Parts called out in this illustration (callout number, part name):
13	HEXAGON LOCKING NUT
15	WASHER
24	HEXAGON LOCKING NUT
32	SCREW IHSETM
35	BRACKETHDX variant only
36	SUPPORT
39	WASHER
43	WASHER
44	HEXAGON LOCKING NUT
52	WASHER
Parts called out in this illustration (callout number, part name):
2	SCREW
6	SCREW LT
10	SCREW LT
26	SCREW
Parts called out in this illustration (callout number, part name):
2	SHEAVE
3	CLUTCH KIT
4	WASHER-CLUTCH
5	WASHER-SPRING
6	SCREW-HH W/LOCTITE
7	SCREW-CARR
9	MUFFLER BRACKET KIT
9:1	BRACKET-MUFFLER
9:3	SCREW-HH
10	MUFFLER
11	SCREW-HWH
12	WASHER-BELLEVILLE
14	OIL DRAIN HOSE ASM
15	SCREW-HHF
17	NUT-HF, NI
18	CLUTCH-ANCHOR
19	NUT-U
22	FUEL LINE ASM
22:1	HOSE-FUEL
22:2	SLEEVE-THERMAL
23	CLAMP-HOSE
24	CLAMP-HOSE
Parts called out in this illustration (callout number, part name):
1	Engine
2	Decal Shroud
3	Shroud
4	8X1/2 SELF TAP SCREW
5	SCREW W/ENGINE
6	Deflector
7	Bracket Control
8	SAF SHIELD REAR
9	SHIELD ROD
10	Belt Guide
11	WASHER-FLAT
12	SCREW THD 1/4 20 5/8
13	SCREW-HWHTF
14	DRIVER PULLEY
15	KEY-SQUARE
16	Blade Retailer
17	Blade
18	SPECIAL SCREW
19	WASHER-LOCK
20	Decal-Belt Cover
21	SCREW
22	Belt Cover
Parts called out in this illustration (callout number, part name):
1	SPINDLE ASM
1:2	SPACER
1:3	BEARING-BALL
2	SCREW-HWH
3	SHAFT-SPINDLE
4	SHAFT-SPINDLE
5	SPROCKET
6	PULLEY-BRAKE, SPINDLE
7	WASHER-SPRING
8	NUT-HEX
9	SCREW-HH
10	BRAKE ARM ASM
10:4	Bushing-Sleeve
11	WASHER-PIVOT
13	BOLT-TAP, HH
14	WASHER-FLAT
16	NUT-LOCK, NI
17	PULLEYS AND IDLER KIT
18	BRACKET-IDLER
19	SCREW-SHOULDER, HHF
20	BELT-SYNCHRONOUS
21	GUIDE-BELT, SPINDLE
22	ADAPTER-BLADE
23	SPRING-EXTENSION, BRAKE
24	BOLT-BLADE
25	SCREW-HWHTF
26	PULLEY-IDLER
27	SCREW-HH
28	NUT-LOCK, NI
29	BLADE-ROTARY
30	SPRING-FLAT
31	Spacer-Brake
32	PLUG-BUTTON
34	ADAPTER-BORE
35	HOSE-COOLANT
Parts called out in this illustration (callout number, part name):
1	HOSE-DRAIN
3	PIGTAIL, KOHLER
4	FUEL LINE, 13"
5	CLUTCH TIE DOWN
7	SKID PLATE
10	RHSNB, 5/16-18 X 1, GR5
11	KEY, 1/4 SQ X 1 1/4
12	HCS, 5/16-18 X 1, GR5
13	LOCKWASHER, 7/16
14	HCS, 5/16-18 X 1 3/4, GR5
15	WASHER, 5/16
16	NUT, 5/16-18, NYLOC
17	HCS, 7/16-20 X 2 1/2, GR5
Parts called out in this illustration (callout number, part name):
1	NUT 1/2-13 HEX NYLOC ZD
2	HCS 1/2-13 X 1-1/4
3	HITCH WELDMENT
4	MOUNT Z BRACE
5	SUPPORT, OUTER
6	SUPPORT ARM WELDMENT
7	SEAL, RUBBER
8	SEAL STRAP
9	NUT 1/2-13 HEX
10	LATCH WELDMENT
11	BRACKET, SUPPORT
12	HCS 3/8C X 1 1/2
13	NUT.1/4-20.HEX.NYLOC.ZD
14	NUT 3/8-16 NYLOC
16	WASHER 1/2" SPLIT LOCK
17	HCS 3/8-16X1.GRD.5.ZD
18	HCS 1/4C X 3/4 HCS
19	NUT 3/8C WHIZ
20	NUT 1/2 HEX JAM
━━━
▸ Requirement: Above are the records; reproduce all of them exactly.

▸ Answer area:
Parts called out in this illustration (callout number, part name):
13	HEXAGON LOCKING NUT
15	WASHER
24	HEXAGON LOCKING NUT
32	SCREW IHSETM
35	BRACKETHDX variant only
36	SUPPORT
39	WASHER
43	WASHER
44	HEXAGON LOCKING NUT
52	WASHER
Parts called out in this illustration (callout number, part name):
2	SCREW
6	SCREW LT
10	SCREW LT
26	SCREW
Parts called out in this illustration (callout number, part name):
2	SHEAVE
3	CLUTCH KIT
4	WASHER-CLUTCH
5	WASHER-SPRING
6	SCREW-HH W/LOCTITE
7	SCREW-CARR
9	MUFFLER BRACKET KIT
9:1	BRACKET-MUFFLER
9:3	SCREW-HH
10	MUFFLER
11	SCREW-HWH
12	WASHER-BELLEVILLE
14	OIL DRAIN HOSE ASM
15	SCREW-HHF
17	NUT-HF, NI
18	CLUTCH-ANCHOR
19	NUT-U
22	FUEL LINE ASM
22:1	HOSE-FUEL
22:2	SLEEVE-THERMAL
23	CLAMP-HOSE
24	CLAMP-HOSE
Parts called out in this illustration (callout number, part name):
1	Engine
2	Decal Shroud
3	Shroud
4	8X1/2 SELF TAP SCREW
5	SCREW W/ENGINE
6	Deflector
7	Bracket Control
8	SAF SHIELD REAR
9	SHIELD ROD
10	Belt Guide
11	WASHER-FLAT
12	SCREW THD 1/4 20 5/8
13	SCREW-HWHTF
14	DRIVER PULLEY
15	KEY-SQUARE
16	Blade Retailer
17	Blade
18	SPECIAL SCREW
19	WASHER-LOCK
20	Decal-Belt Cover
21	SCREW
22	Belt Cover
Parts called out in this illustration (callout number, part name):
1	SPINDLE ASM
1:2	SPACER
1:3	BEARING-BALL
2	SCREW-HWH
3	SHAFT-SPINDLE
4	SHAFT-SPINDLE
5	SPROCKET
6	PULLEY-BRAKE, SPINDLE
7	WASHER-SPRING
8	NUT-HEX
9	SCREW-HH
10	BRAKE ARM ASM
10:4	Bushing-Sleeve
11	WASHER-PIVOT
13	BOLT-TAP, HH
14	WASHER-FLAT
16	NUT-LOCK, NI
17	PULLEYS AND IDLER KIT
18	BRACKET-IDLER
19	SCREW-SHOULDER, HHF
20	BELT-SYNCHRONOUS
21	GUIDE-BELT, SPINDLE
22	ADAPTER-BLADE
23	SPRING-EXTENSION, BRAKE
24	BOLT-BLADE
25	SCREW-HWHTF
26	PULLEY-IDLER
27	SCREW-HH
28	NUT-LOCK, NI
29	BLADE-ROTARY
30	SPRING-FLAT
31	Spacer-Brake
32	PLUG-BUTTON
34	ADAPTER-BORE
35	HOSE-COOLANT
Parts called out in this illustration (callout number, part name):
1	HOSE-DRAIN
3	PIGTAIL, KOHLER
4	FUEL LINE, 13"
5	CLUTCH TIE DOWN
7	SKID PLATE
10	RHSNB, 5/16-18 X 1, GR5
11	KEY, 1/4 SQ X 1 1/4
12	HCS, 5/16-18 X 1, GR5
13	LOCKWASHER, 7/16
14	HCS, 5/16-18 X 1 3/4, GR5
15	WASHER, 5/16
16	NUT, 5/16-18, NYLOC
17	HCS, 7/16-20 X 2 1/2, GR5
Parts called out in this illustration (callout number, part name):
1	NUT 1/2-13 HEX NYLOC ZD
2	HCS 1/2-13 X 1-1/4
3	HITCH WELDMENT
4	MOUNT Z BRACE
5	SUPPORT, OUTER
6	SUPPORT ARM WELDMENT
7	SEAL, RUBBER
8	SEAL STRAP
9	NUT 1/2-13 HEX
10	LATCH WELDMENT
11	BRACKET, SUPPORT
12	HCS 3/8C X 1 1/2
13	NUT.1/4-20.HEX.NYLOC.ZD
14	NUT 3/8-16 NYLOC
16	WASHER 1/2" SPLIT LOCK
17	HCS 3/8-16X1.GRD.5.ZD
18	HCS 1/4C X 3/4 HCS
19	NUT 3/8C WHIZ
20	NUT 1/2 HEX JAM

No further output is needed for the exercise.